[Records from a data source]
--------------------------------
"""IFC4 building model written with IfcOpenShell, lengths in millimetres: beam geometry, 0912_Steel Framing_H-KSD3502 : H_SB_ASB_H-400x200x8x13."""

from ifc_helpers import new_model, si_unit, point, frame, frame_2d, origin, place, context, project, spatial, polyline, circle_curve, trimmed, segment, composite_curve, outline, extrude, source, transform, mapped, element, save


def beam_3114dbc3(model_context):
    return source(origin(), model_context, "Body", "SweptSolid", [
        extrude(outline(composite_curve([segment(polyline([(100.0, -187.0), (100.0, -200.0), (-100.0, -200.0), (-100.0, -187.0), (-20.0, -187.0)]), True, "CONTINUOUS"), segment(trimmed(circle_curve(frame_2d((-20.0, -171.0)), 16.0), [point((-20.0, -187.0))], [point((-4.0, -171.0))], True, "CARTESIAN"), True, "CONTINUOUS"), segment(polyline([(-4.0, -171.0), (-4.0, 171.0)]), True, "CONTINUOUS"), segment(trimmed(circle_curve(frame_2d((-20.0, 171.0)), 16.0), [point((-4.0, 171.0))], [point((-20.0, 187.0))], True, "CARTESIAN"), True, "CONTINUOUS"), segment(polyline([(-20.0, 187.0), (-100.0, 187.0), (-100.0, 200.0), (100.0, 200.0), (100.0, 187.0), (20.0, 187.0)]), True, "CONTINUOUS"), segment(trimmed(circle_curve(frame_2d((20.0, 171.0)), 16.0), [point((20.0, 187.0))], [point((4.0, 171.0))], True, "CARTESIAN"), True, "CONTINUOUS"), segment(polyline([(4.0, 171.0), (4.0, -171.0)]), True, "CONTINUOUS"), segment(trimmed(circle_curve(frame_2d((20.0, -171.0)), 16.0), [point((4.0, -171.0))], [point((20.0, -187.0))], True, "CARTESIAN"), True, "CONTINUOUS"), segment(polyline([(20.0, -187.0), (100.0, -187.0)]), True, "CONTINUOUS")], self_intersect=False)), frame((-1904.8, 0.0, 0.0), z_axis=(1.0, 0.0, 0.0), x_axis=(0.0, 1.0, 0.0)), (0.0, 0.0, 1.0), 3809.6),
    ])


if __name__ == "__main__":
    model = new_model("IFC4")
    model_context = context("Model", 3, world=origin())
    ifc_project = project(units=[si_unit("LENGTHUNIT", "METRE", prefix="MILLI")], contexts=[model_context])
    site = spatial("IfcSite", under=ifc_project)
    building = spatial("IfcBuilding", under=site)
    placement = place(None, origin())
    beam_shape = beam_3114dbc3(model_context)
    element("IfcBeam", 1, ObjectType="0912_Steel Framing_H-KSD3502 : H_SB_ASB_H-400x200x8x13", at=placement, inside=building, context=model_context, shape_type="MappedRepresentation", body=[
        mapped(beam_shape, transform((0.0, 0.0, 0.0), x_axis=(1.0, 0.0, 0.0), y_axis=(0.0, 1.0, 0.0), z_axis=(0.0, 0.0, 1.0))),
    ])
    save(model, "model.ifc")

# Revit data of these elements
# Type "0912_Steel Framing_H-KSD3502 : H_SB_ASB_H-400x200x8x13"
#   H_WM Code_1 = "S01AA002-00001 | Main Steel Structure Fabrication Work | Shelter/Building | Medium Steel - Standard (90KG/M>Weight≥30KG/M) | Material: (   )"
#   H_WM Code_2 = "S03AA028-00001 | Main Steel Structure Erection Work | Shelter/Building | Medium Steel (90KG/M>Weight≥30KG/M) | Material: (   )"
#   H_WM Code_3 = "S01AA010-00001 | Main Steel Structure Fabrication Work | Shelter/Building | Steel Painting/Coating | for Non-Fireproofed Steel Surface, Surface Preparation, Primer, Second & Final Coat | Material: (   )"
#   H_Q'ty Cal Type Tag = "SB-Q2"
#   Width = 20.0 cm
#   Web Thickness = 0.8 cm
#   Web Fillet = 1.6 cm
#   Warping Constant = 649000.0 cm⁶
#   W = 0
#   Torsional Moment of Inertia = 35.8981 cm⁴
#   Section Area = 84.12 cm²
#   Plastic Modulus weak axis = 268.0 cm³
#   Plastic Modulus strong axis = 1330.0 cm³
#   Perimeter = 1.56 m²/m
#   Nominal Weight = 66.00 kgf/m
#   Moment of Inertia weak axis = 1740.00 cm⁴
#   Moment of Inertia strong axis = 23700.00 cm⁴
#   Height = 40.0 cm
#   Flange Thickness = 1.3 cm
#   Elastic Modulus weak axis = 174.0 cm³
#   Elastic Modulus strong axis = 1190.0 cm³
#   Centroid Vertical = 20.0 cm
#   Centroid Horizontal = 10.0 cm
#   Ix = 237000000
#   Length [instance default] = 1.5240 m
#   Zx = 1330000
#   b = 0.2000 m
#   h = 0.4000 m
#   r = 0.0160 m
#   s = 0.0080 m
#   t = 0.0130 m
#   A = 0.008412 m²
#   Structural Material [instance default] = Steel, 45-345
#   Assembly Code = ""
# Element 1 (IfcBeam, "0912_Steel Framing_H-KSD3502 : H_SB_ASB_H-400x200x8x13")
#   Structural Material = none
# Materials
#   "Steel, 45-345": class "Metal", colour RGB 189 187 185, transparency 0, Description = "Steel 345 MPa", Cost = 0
--------------------------------
*ASSIGNMENT*: For this exercise, gather every line of the data that contains the word "under".

*ANSWER BOX*:
    site = spatial("IfcSite", under=ifc_project)
    building = spatial("IfcBuilding", under=site)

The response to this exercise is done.